■ What to work on ■
Return the data that follows exactly as it appears. Pictures do not belong in the copy.

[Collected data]
* * * *

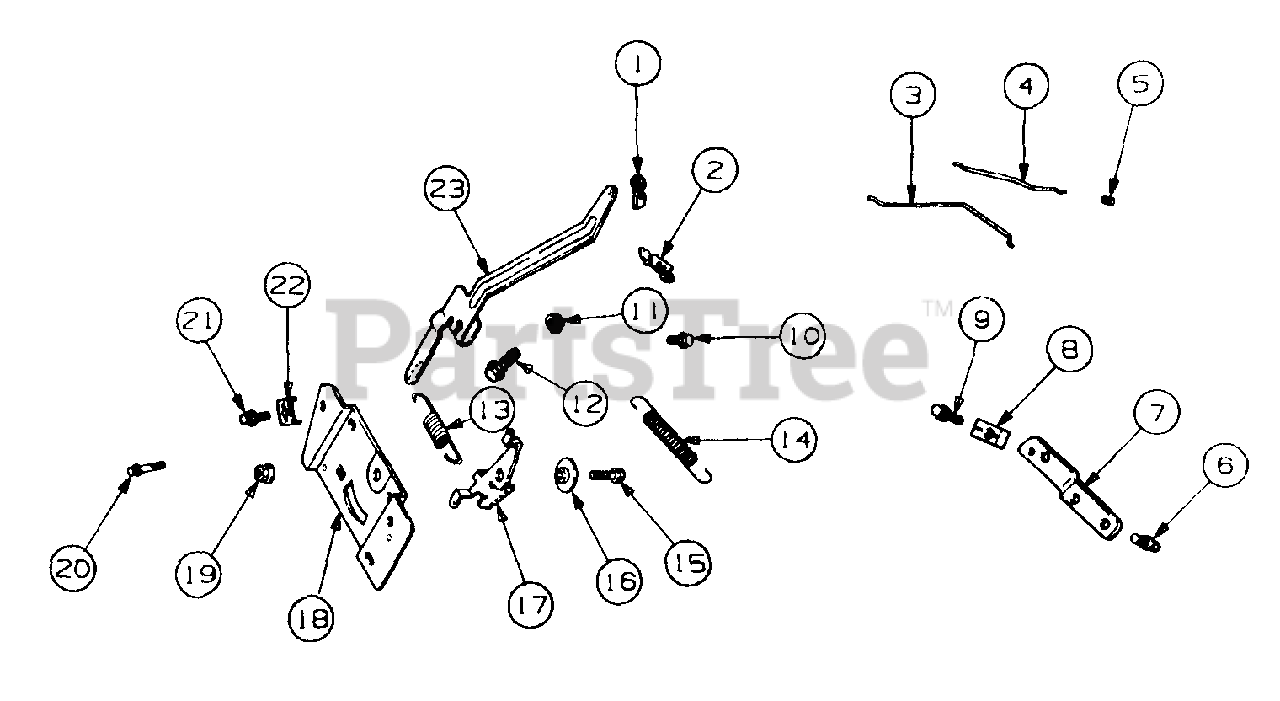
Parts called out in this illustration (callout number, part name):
1	Bushing, Throttle
2	Lever, Choke, Upper
3	Linkage, Choke, Upper
4	Linkage, Throttle
5	Bushing, Linkage
6	Screw, Bracket, M5 x .8 x 10
7	Bracket, Choke Mount
8	Clamp, Cable
9	Screw, Clamp, M5 x .8 x 16
10	Screw, M5 x .8 x 10
11	Nut, M6x1
12	Screw, Governor Arm, M6 x 1 x 25
13	Spring, Governor
14	Spring, Linkage
15	Screw, Throttle Cntrl, M5 x .8 x 16
16	Spacer, Throttle Control
17	Lever, Throttle Control
18	Plate, Control
19	Nut, Hex, M5 x .8
20	Screw, Control Plate, M6 x 1 x 16
21	Screw, Cable Clamp, M5 x .8 x 16
22	Clamp, Cable
23	Lever, Governor

* * * *

■ Task output ■
Parts called out in this illustration (callout number, part name):
1	Bushing, Throttle
2	Lever, Choke, Upper
3	Linkage, Choke, Upper
4	Linkage, Throttle
5	Bushing, Linkage
6	Screw, Bracket, M5 x .8 x 10
7	Bracket, Choke Mount
8	Clamp, Cable
9	Screw, Clamp, M5 x .8 x 16
10	Screw, M5 x .8 x 10
11	Nut, M6x1
12	Screw, Governor Arm, M6 x 1 x 25
13	Spring, Governor
14	Spring, Linkage
15	Screw, Throttle Cntrl, M5 x .8 x 16
16	Spacer, Throttle Control
17	Lever, Throttle Control
18	Plate, Control
19	Nut, Hex, M5 x .8
20	Screw, Control Plate, M6 x 1 x 16
21	Screw, Cable Clamp, M5 x .8 x 16
22	Clamp, Cable
23	Lever, Governor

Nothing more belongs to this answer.